• Problem
Using the listing below, show all lines that hold the word "under".

+-------+

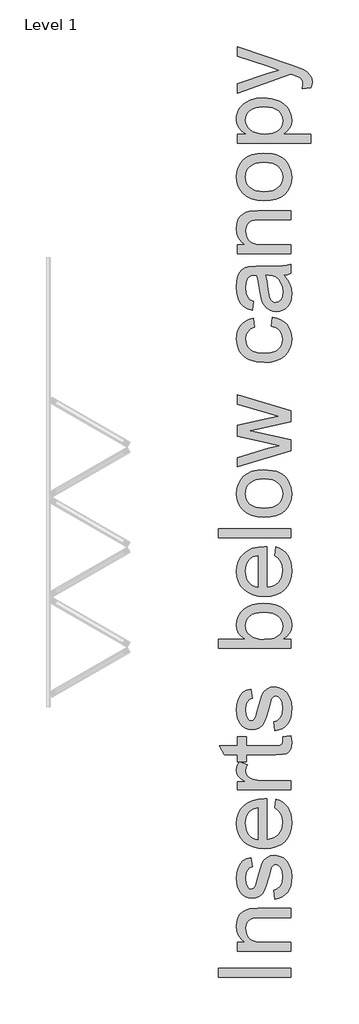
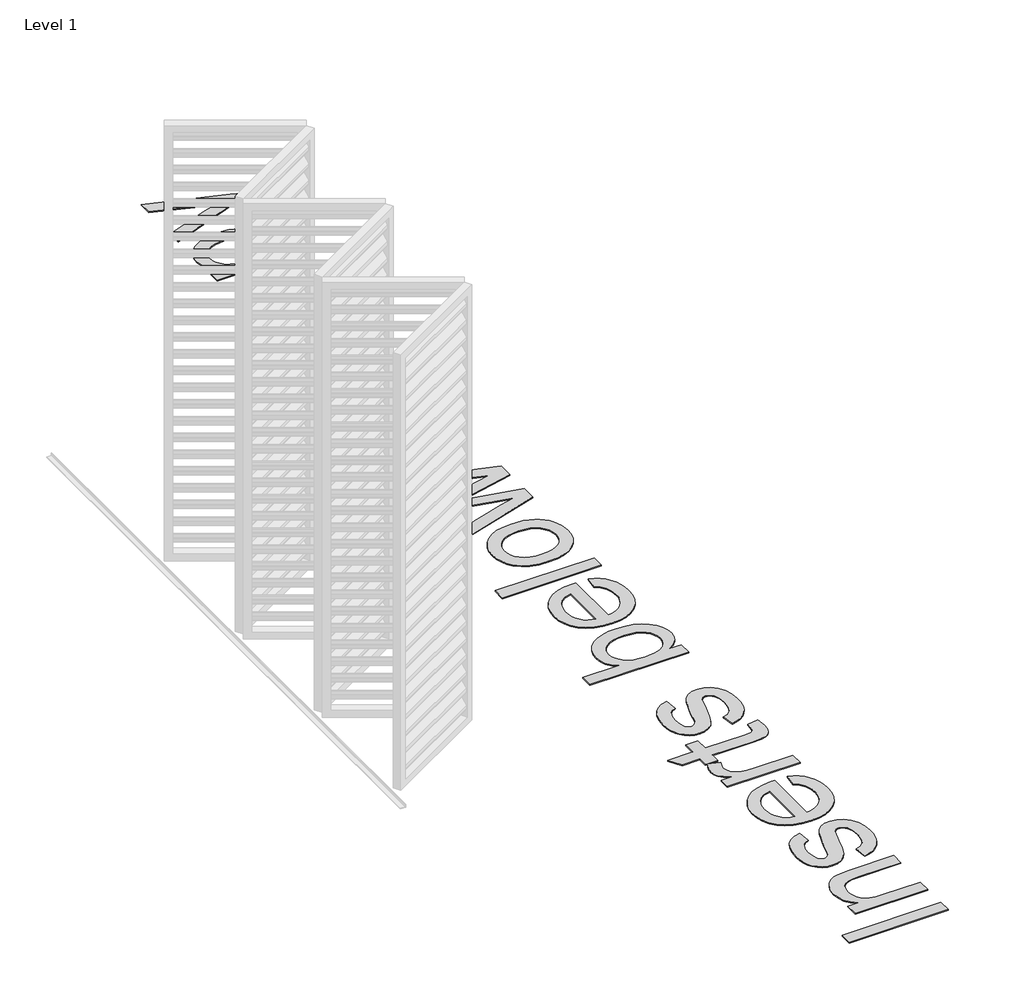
# One storey, part 22 of 80: 1 proxy.
"""IFC4 building model written with IfcOpenShell, lengths in millimetres."""

from ifc_helpers import new_model, si_unit, origin, origin_with_axes, place, context, project, spatial, polyline, outline, extrude, element, save

model = new_model("IFC4")

# Units and contexts
model_context = context("Model", 3, world=origin())
ifc_project = project(units=[si_unit("LENGTHUNIT", "METRE", prefix="MILLI")], contexts=[model_context])

# Site, building, storey
site = spatial("IfcSite", under=ifc_project)
building = spatial("IfcBuilding", under=site)
storey = spatial("IfcBuildingStorey", under=building, Name="Level 1", Elevation=0.0)

# Proxy
placement = place(None, origin())
element("IfcBuildingElementProxy", 1, Name="500mm Arial", ObjectType="500mm Arial", at=placement, inside=storey, context=model_context, shape_type="SweptSolid", body=[
    extrude(outline(polyline([(408909.034918, -43009.1845339), (408406.7533673, -43009.1845339), (408406.7533673, -42946.3993401), (408909.034918, -42946.3993401), (408909.034918, -43009.1845339)])), origin_with_axes(), (0.0, 0.0, 1.0), 5.0),
    extrude(outline(polyline([(408909.034918, -42828.6771016), (408540.1719042, -42828.6771016), (408540.1719042, -42765.8919078), (408591.6753835, -42765.8919078), (408565.709046, -42744.0795711), (408547.1616621, -42717.8833074), (408536.0332318, -42687.3031166), (408532.323755, -42652.3389986), (408535.3127962, -42621.3909258), (408544.2799198, -42593.0486837), (408558.1061515, -42569.4122655), (408575.6725167, -42552.5816642), (408596.9330304, -42541.161994), (408621.8417071, -42533.7583688), (408682.5422363, -42530.4474309), (408909.034918, -42530.4474309), (408909.034918, -42593.2326247), (408691.0035222, -42593.2326247), (408658.5379362, -42595.0413779), (408635.453341, -42600.4676373), (408618.9139796, -42610.4770932), (408606.084095, -42626.0354359), (408597.8527354, -42645.9777058), (408595.1089488, -42669.138943), (408596.6494547, -42688.203661), (408601.2709722, -42705.9118141), (408608.9735015, -42722.2634024), (408619.7570425, -42737.2584258), (408634.8478685, -42749.7855742), (408655.4722529, -42758.7335373), (408681.6301956, -42764.1023152), (408713.3216966, -42765.8919078), (408909.034918, -42765.8919078), (408909.034918, -42828.6771016)])), origin_with_axes(), (0.0, 0.0, 1.0), 5.0),
    extrude(outline(polyline([(408799.1608288, -42467.662237), (408791.3126796, -42404.8770432), (408818.1680652, -42394.9748861), (408837.9110656, -42375.8143656), (408850.0511715, -42347.2728541), (408854.0978734, -42309.2277244), (408850.3883966, -42271.6424473), (408839.2599663, -42245.2162573), (408823.1344722, -42229.5812725), (408804.4338041, -42224.3696109), (408788.4309373, -42229.6119293), (408776.2295178, -42245.3388846), (408758.3259273, -42309.9634884), (408741.7559092, -42367.2611092), (408727.6077808, -42404.5091612), (408712.1720654, -42428.4368193), (408691.7392862, -42445.7732583), (408667.6123587, -42456.3038804), (408641.0941982, -42459.8140878), (408616.7680013, -42456.9936592), (408594.3118712, -42448.5323733), (408574.614856, -42435.1966509), (408558.566004, -42417.752913), (408548.4645775, -42400.416474), (408539.9879632, -42377.8377165), (408534.239807, -42351.7334233), (408532.323755, -42323.8203769), (408535.4047667, -42282.9548186), (408544.6478018, -42247.4235492), (408559.1484838, -42218.851381), (408578.002436, -42198.8631259), (408602.6045445, -42185.6193741), (408634.349695, -42177.2807155), (408642.1978442, -42240.0659093), (408622.4395154, -42247.9907007), (408607.555623, -42263.6716707), (408598.2206174, -42287.2621036), (408595.1089488, -42318.9152836), (408598.0826616, -42354.9677192), (408607.0038, -42379.0026762), (408619.8796698, -42392.5223395), (408634.717577, -42397.0288939), (408644.3744793, -42395.1588271), (408652.9890494, -42389.5486267), (408660.6839145, -42379.953038), (408666.8459379, -42366.1268064), (408680.212317, -42312.0481531), (408709.765504, -42219.8937133), (408723.898304, -42195.5521879), (408743.2427655, -42177.0967745), (408767.8602024, -42165.4625064), (408797.8119282, -42161.584417), (408828.7753294, -42166.1369567), (408857.8993207, -42179.7945758), (408882.899968, -42202.0361081), (408901.4933371, -42232.3403874), (408913.0356347, -42268.944646), (408916.8830673, -42310.0861158), (408915.0283289, -42343.8776099), (408909.4641137, -42373.3924758), (408900.1904217, -42398.6307135), (408887.207253, -42419.592323), (408870.5759211, -42436.7141642), (408850.3577398, -42450.4330969), (408826.552709, -42460.7491212), (408799.1608288, -42467.662237)])), origin_with_axes(), (0.0, 0.0, 1.0), 5.0),
    extrude(outline(polyline([(408799.1608288, -41832.6979133), (408807.008978, -41771.1389928), (408831.6647359, -41780.5774653), (408853.3927663, -41793.3192114), (408872.1930691, -41809.3642314), (408888.0656443, -41828.7125251), (408900.6732669, -41851.1648231), (408909.6787115, -41876.521856), (408915.0819783, -41904.7836239), (408916.8830673, -41935.9501267), (408913.7752308, -41974.9072971), (408904.4517215, -42009.6184962), (408888.9125393, -42040.0837239), (408867.1576843, -42066.3029803), (408839.7926288, -42087.3872171), (408807.4228453, -42102.4473863), (408770.0483338, -42111.4834878), (408727.6690944, -42114.4955217), (408683.852816, -42111.452831), (408645.2328707, -42102.324759), (408611.8092586, -42087.1113056), (408583.5819796, -42065.812471), (408561.1565064, -42039.6621925), (408545.1383111, -42009.8944077), (408535.527394, -41976.5091166), (408532.323755, -41939.5063193), (408535.5197298, -41903.6953063), (408545.1076543, -41871.3101944), (408561.0875285, -41842.3509836), (408583.4593523, -41816.8176739), (408611.6253176, -41795.9748596), (408644.987616, -41781.0871351), (408683.5462476, -41772.1545004), (408727.3012124, -41769.1769555), (408744.2237842, -41769.5448375), (408744.2237842, -42051.7103278), (408769.2780809, -42048.073661), (408791.2207091, -42040.8424805), (408810.0516687, -42030.0167864), (408825.7709598, -42015.5965786), (408838.1639845, -41998.3789348), (408847.016145, -41979.1609327), (408852.3274413, -41957.9425722), (408854.0978734, -41934.7238533), (408850.8175923, -41901.3079054), (408840.9767489, -41873.1649328), (408823.9622067, -41850.2949354), (408799.1608288, -41832.6979133)]), holes=[polyline([(408681.4385904, -42051.7103278), (408681.4385904, -41831.9621494), (408648.2678971, -41840.4540921), (408624.5395084, -41857.1007524), (408611.6636386, -41874.2225936), (408602.4665887, -41893.7050109), (408596.9483588, -41915.5480043), (408595.1089488, -41939.7515739), (408600.9797323, -41982.0733318), (408608.3182117, -42000.4865921), (408618.5920828, -42017.0681066), (408631.3261648, -42030.9824766), (408646.0452767, -42041.3943035), (408662.7494186, -42048.3035872), (408681.4385904, -42051.7103278)])]), origin_with_axes(), (0.0, 0.0, 1.0), 5.0),
    extrude(outline(polyline([(408856.6730474, -41337.5287478), (408910.874328, -41329.6805986), (408916.8830673, -41376.6468667), (408914.2772365, -41406.7825334), (408906.4597441, -41429.253992), (408894.4116087, -41445.1342314), (408879.1138491, -41455.496241), (408852.8409433, -41461.1984119), (408807.8673694, -41463.0991355), (408602.9570981, -41463.0991355), (408602.9570981, -41510.1880309), (408551.6988734, -41510.1880309), (408540.1719042, -41510.1880309), (408540.1719042, -41463.0991355), (408450.5313247, -41463.0991355), (408413.6204979, -41400.3139417), (408540.1719042, -41400.3139417), (408540.1719042, -41337.5287478), (408602.9570981, -41337.5287478), (408602.9570981, -41400.3139417), (408806.0279594, -41400.3139417), (408838.401575, -41397.0030037), (408849.8672305, -41386.2731122), (408854.0978734, -41364.8746428), (408856.6730474, -41337.5287478)])), origin_with_axes(), (0.0, 0.0, 1.0), 5.0),
    extrude(outline(polyline([(408909.034918, -41706.3917617), (408540.1719042, -41706.3917617), (408540.1719042, -41651.4547171), (408594.7410668, -41651.4547171), (408563.1032152, -41631.1598937), (408544.4638608, -41612.4592256), (408535.3587814, -41593.6972438), (408532.323755, -41573.2184794), (408537.1675346, -41541.9485098), (408551.6988734, -41510.1880309), (408607.9848187, -41531.1573046), (408598.3279163, -41553.2302243), (408595.1089488, -41575.3031441), (408598.2052889, -41594.0497974), (408607.4943093, -41610.8037566), (408622.2709028, -41624.3387483), (408641.8299622, -41633.4284993), (408676.9013791, -41641.0620507), (408715.1611066, -41643.6065678), (408909.034918, -41643.6065678), (408909.034918, -41706.3917617)])), origin_with_axes(), (0.0, 0.0, 1.0), 5.0),
    extrude(outline(polyline([(408799.1608288, -41298.2880017), (408791.3126796, -41235.5028078), (408818.1680652, -41225.6006508), (408837.9110656, -41206.4401302), (408850.0511715, -41177.8986188), (408854.0978734, -41139.8534891), (408850.3883966, -41102.2682119), (408839.2599663, -41075.8420219), (408823.1344722, -41060.2070371), (408804.4338041, -41054.9953755), (408788.4309373, -41060.237694), (408776.2295178, -41075.9646493), (408758.3259273, -41140.5892531), (408741.7559092, -41197.8868738), (408727.6077808, -41235.1349258), (408712.1720654, -41259.062584), (408691.7392862, -41276.399023), (408667.6123587, -41286.9296451), (408641.0941982, -41290.4398525), (408616.7680013, -41287.6194238), (408594.3118712, -41279.1581379), (408574.614856, -41265.8224156), (408558.566004, -41248.3786777), (408548.4645775, -41231.0422387), (408539.9879632, -41208.4634812), (408534.239807, -41182.359188), (408532.323755, -41154.4461416), (408535.4047667, -41113.5805833), (408544.6478018, -41078.0493139), (408559.1484838, -41049.4771456), (408578.002436, -41029.4888905), (408602.6045445, -41016.2451387), (408634.349695, -41007.9064802), (408642.1978442, -41070.691674), (408622.4395154, -41078.6164653), (408607.555623, -41094.2974354), (408598.2206174, -41117.8878683), (408595.1089488, -41149.5410483), (408598.0826616, -41185.5934838), (408607.0038, -41209.6284408), (408619.8796698, -41223.1481042), (408634.717577, -41227.6546586), (408644.3744793, -41225.7845918), (408652.9890494, -41220.1743914), (408660.6839145, -41210.5788027), (408666.8459379, -41196.752571), (408680.212317, -41142.6739177), (408709.765504, -41050.5194779), (408723.898304, -41026.1779526), (408743.2427655, -41007.7225392), (408767.8602024, -40996.0882711), (408797.8119282, -40992.2101817), (408828.7753294, -40996.7627214), (408857.8993207, -41010.4203405), (408882.899968, -41032.6618728), (408901.4933371, -41062.9661521), (408913.0356347, -41099.5704106), (408916.8830673, -41140.7118804), (408915.0283289, -41174.5033745), (408909.4641137, -41204.0182404), (408900.1904217, -41229.2564781), (408887.207253, -41250.2180876), (408870.5759211, -41267.3399288), (408850.3577398, -41281.0588616), (408826.552709, -41291.3748859), (408799.1608288, -41298.2880017)])), origin_with_axes(), (0.0, 0.0, 1.0), 5.0),
    extrude(outline(polyline([(408909.034918, -40662.587914), (408909.034918, -40725.3731079), (408406.7533673, -40725.3731079), (408406.7533673, -40662.587914), (408593.0242842, -40662.587914), (408566.4678027, -40641.940537), (408547.4988873, -40618.6260156), (408536.1175381, -40592.6443497), (408532.323755, -40563.9955393), (408535.7419919, -40531.6525806), (408545.9967025, -40501.0877181), (408562.4440933, -40474.0483915), (408584.440371, -40452.2820401), (408611.7709375, -40435.2215126), (408644.2211952, -40422.2996575), (408680.4422433, -40414.1602684), (408719.0851812, -40411.4471386), (408763.6755447, -40414.256071), (408802.9009624, -40422.6828679), (408836.7614344, -40436.7275295), (408865.2569606, -40456.3900557), (408887.8433823, -40479.991985), (408903.9765406, -40505.8548557), (408913.6564356, -40533.9786678), (408916.8830673, -40564.3634213), (408912.7214022, -40593.9549293), (408900.236407, -40620.1895141), (408879.4280816, -40643.0671757), (408850.2964261, -40662.587914), (408909.034918, -40662.587914)]), holes=[polyline([(408722.0282372, -40662.587914), (408774.3901078, -40658.2959574), (408794.2250787, -40652.9310116), (408809.8294067, -40645.4200876), (408829.1968609, -40630.2066342), (408843.0307567, -40612.5253058), (408851.3310943, -40592.3761024), (408854.0978734, -40569.7590239), (408852.059194, -40550.9817137), (408845.9431559, -40533.5226474), (408835.7497589, -40517.3818248), (408821.4790032, -40502.5592461), (408803.1692097, -40490.1662214), (408780.8586996, -40481.3140609), (408754.5474727, -40476.0027646), (408724.2355291, -40474.2323325), (408693.34877, -40475.9299546), (408666.7846242, -40481.022821), (408644.5430919, -40489.5109316), (408626.6241731, -40501.3942865), (408612.8362625, -40515.6842027), (408602.9877549, -40531.3919975), (408597.0786503, -40548.5176708), (408595.1089488, -40567.0612226), (408597.1476282, -40585.8385328), (408603.2636664, -40603.2975991), (408613.4570633, -40619.4384217), (408627.7278191, -40634.2610004), (408645.8536715, -40646.6540251), (408667.6123587, -40655.5061856), (408693.0038806, -40660.8174819), (408722.0282372, -40662.587914)])]), origin_with_axes(), (0.0, 0.0, 1.0), 5.0),
    extrude(outline(polyline([(408799.1608288, -40082.560635), (408807.008978, -40021.0017144), (408831.6647359, -40030.4401869), (408853.3927663, -40043.1819331), (408872.1930691, -40059.226953), (408888.0656443, -40078.5752467), (408900.6732669, -40101.0275447), (408909.6787115, -40126.3845776), (408915.0819783, -40154.6463455), (408916.8830673, -40185.8128483), (408913.7752308, -40224.7700187), (408904.4517215, -40259.4812178), (408888.9125393, -40289.9464455), (408867.1576843, -40316.1657019), (408839.7926288, -40337.2499387), (408807.4228453, -40352.3101079), (408770.0483338, -40361.3462094), (408727.6690944, -40364.3582433), (408683.852816, -40361.3155526), (408645.2328707, -40352.1874806), (408611.8092586, -40336.9740272), (408583.5819796, -40315.6751926), (408561.1565064, -40289.5249141), (408545.1383111, -40259.7571293), (408535.527394, -40226.3718382), (408532.323755, -40189.3690409), (408535.5197298, -40153.5580279), (408545.1076543, -40121.172916), (408561.0875285, -40092.2137052), (408583.4593523, -40066.6803955), (408611.6253176, -40045.8375812), (408644.987616, -40030.9498567), (408683.5462476, -40022.017222), (408727.3012124, -40019.0396771), (408744.2237842, -40019.4075591), (408744.2237842, -40301.5730494), (408769.2780809, -40297.9363826), (408791.2207091, -40290.7052021), (408810.0516687, -40279.879508), (408825.7709598, -40265.4593002), (408838.1639845, -40248.2416564), (408847.016145, -40229.0236543), (408852.3274413, -40207.8052938), (408854.0978734, -40184.586575), (408850.8175923, -40151.1706271), (408840.9767489, -40123.0276544), (408823.9622067, -40100.1576571), (408799.1608288, -40082.560635)]), holes=[polyline([(408681.4385904, -40301.5730494), (408681.4385904, -40081.824871), (408648.2678971, -40090.3168137), (408624.5395084, -40106.963474), (408611.6636386, -40124.0853152), (408602.4665887, -40143.5677325), (408596.9483588, -40165.410726), (408595.1089488, -40189.6142956), (408600.9797323, -40231.9360534), (408608.3182117, -40250.3493137), (408618.5920828, -40266.9308282), (408631.3261648, -40280.8451983), (408646.0452767, -40291.2570251), (408662.7494186, -40298.1663089), (408681.4385904, -40301.5730494)])]), origin_with_axes(), (0.0, 0.0, 1.0), 5.0),
    extrude(outline(polyline([(408909.034918, -39956.2544833), (408406.7533673, -39956.2544833), (408406.7533673, -39893.4692894), (408909.034918, -39893.4692894), (408909.034918, -39956.2544833)])), origin_with_axes(), (0.0, 0.0, 1.0), 5.0),
    extrude(outline(polyline([(408724.6034111, -39814.9877971), (408676.8324012, -39811.5925529), (408635.6679388, -39801.4068201), (408601.1100239, -39784.4305989), (408573.1586564, -39760.6638892), (408555.2933871, -39736.7362311), (408542.5324803, -39710.3253695), (408534.8759363, -39681.4313045), (408532.323755, -39650.054036), (408535.4315914, -39615.4156469), (408544.7551007, -39584.0958599), (408560.2942829, -39556.0946751), (408582.049138, -39531.4120925), (408609.2839019, -39511.2667212), (408641.2628108, -39496.8771702), (408677.9858645, -39488.2434396), (408719.4530632, -39485.3655295), (408782.8820505, -39490.4545637), (408808.9173659, -39496.8158566), (408831.1665624, -39505.7216665), (408850.3845645, -39517.0608626), (408867.3262968, -39530.7223138), (408881.9917593, -39546.70602), (408894.3809519, -39565.0119814), (408911.2575384, -39605.739584), (408916.8830673, -39650.054036), (408913.7867271, -39685.1982628), (408904.4977068, -39716.8092897), (408889.0160061, -39744.8871165), (408867.3416253, -39769.4317434), (408839.8424461, -39789.3625169), (408806.8863507, -39803.5987837), (408768.4733391, -39812.1405438), (408724.6034111, -39814.9877971)]), holes=[polyline([(408724.4807838, -39752.2026033), (408754.9345152, -39750.3861859), (408781.3032236, -39744.9369339), (408803.5869091, -39735.8548471), (408821.7855715, -39723.1399257), (408835.9222036, -39707.6735535), (408846.0197979, -39690.3371144), (408852.0783546, -39671.1306086), (408854.0978734, -39650.054036), (408852.0668582, -39629.0847622), (408845.9738127, -39609.9548985), (408835.8187368, -39592.6644447), (408821.6016305, -39577.2134009), (408803.2228592, -39564.4984795), (408780.5827881, -39555.4163927), (408753.6814172, -39549.9671406), (408722.5187465, -39548.1507233), (408693.0307053, -39549.978637), (408667.3517756, -39555.462378), (408645.4819574, -39564.6019463), (408627.4212507, -39577.3973419), (408613.2846186, -39592.9058673), (408603.1870243, -39610.1848247), (408597.1284677, -39629.2342143), (408595.1089488, -39650.054036), (408597.1208035, -39671.1306086), (408603.1563675, -39690.3371144), (408613.2156408, -39707.6735535), (408627.2986234, -39723.1399257), (408645.4436364, -39735.8548471), (408667.6890008, -39744.9369339), (408694.0347166, -39750.3861859), (408724.4807838, -39752.2026033)])]), origin_with_axes(), (0.0, 0.0, 1.0), 5.0),
    extrude(outline(polyline([(408909.034918, -39353.5411479), (408540.1719042, -39465.7451564), (408540.1719042, -39400.5074159), (408755.3828714, -39336.8638307), (408832.2702084, -39317.8565943), (408758.2033, -39302.2829232), (408540.1719042, -39251.6378352), (408540.1719042, -39176.8351628), (408757.5901634, -39126.4353295), (408824.6673138, -39112.578441), (408753.9113434, -39092.7128133), (408540.1719042, -39028.9466008), (408540.1719042, -38963.4636056), (408909.034918, -39076.5260055), (408909.034918, -39152.4323238), (408692.7203049, -39200.6248652), (408625.2752724, -39214.604381), (408909.034918, -39276.7764382), (408909.034918, -39353.5411479)])), origin_with_axes(), (0.0, 0.0, 1.0), 5.0),
    extrude(outline(polyline([(408775.6163811, -38488.6505772), (408783.4645304, -38425.8653833), (408813.0905273, -38432.6941929), (408839.3059515, -38443.3704349), (408862.1108031, -38457.8941096), (408881.5050821, -38476.2652167), (408896.9829506, -38497.7096713), (408908.038571, -38521.4533884), (408914.6719432, -38547.496368), (408916.8830673, -38575.83861), (408913.7982235, -38611.0518148), (408904.543692, -38642.6245206), (408889.1194729, -38670.5567275), (408867.5255663, -38694.8484355), (408840.168175, -38714.5109617), (408807.4535021, -38728.5556233), (408769.3815477, -38736.9824202), (408725.9523118, -38739.7913526), (408670.0802338, -38734.9935582), (408621.6577661, -38720.6001751), (408600.7076529, -38709.7476563), (408582.5549757, -38696.3812771), (408567.1997345, -38680.5010377), (408554.6419294, -38662.1069379), (408537.9032986, -38621.1034239), (408532.323755, -38576.6970014), (408534.239807, -38548.8414365), (408539.9879632, -38523.645352), (408549.5682235, -38501.1087477), (408562.9805879, -38481.2316236), (408579.9184881, -38464.351205), (408600.0753558, -38450.8047169), (408623.4511909, -38440.5921595), (408650.0459934, -38433.7135326), (408657.8941427, -38496.4987264), (408630.5022624, -38507.8877399), (408610.8665609, -38525.6227177), (408599.0483519, -38548.7226413), (408595.1089488, -38576.206492), (408597.0479935, -38597.5398157), (408602.8651276, -38616.7808104), (408612.560351, -38633.9294763), (408626.1336637, -38648.9858134), (408643.8992984, -38661.2447145), (408666.1714876, -38670.0010724), (408692.9502311, -38675.2548871), (408724.2355291, -38677.0061587), (408755.9921759, -38675.2932082), (408783.0813199, -38670.1543566), (408805.5029611, -38661.5896039), (408823.2570995, -38649.5989501), (408836.7499381, -38634.8415171), (408846.3876799, -38617.9764269), (408852.1703251, -38599.0036794), (408854.0978734, -38577.9232747), (408849.2847507, -38545.4117034), (408834.8453823, -38518.7555871), (408823.9238856, -38507.9758782), (408810.4118865, -38499.3651403), (408775.6163811, -38488.6505772)])), origin_with_axes(), (0.0, 0.0, 1.0), 5.0),
    extrude(outline(polyline([(408861.9460227, -38135.4838618), (408887.6671055, -38165.4815728), (408904.4977068, -38196.368332), (408913.7867271, -38228.8492465), (408916.8830673, -38263.6294235), (408915.0206647, -38291.584623), (408909.4334569, -38316.098593), (408900.1214439, -38337.1713336), (408887.0846257, -38354.8028446), (408871.1507367, -38368.7248789), (408853.1475116, -38378.669189), (408833.0749502, -38384.6357752), (408810.9330527, -38386.6246372), (408784.9054015, -38383.6202676), (408761.2689833, -38374.6071587), (408741.0354736, -38360.704285), (408725.2165478, -38343.0306208), (408713.2603829, -38322.2606165), (408704.6151561, -38299.0687223), (408695.1728515, -38244.7448144), (408685.2400376, -38180.5494062), (408673.5904411, -38135.8517438), (408659.6109253, -38135.4838618), (408631.59058, -38139.8064753), (408613.2577939, -38152.7743156), (408605.3176742, -38165.8494548), (408599.6461601, -38181.7756795), (408595.1089488, -38222.1813853), (408598.1286469, -38259.5827215), (408607.187741, -38285.7023432), (408623.9417002, -38303.5139631), (408650.0459934, -38315.9912941), (408642.1978442, -38378.776488), (408607.8621913, -38367.8779839), (408580.8841783, -38351.614534), (408560.2521298, -38328.4686251), (408544.9543701, -38296.922744), (408535.4814088, -38258.3411198), (408532.323755, -38214.0879815), (408535.1135268, -38171.6435963), (408543.4828422, -38137.9977221), (408556.0674721, -38112.6291929), (408571.5031875, -38095.0168424), (408590.587066, -38083.336589), (408614.1161852, -38075.7643513), (408669.0532299, -38072.698668), (408747.1668402, -38072.698668), (408856.2438517, -38069.5103574), (408883.2065363, -38064.7892051), (408909.034918, -38057.0023695), (408909.034918, -38119.7875634), (408887.207253, -38129.8430046), (408861.9460227, -38135.4838618)]), holes=[polyline([(408736.375635, -38135.4838618), (408746.829615, -38177.6676639), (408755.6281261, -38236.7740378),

+-------+

• Answer space
site = spatial("IfcSite", under=ifc_project)
building = spatial("IfcBuilding", under=site)
storey = spatial("IfcBuildingStorey", under=building, Name="Level 1", Elevation=0.0)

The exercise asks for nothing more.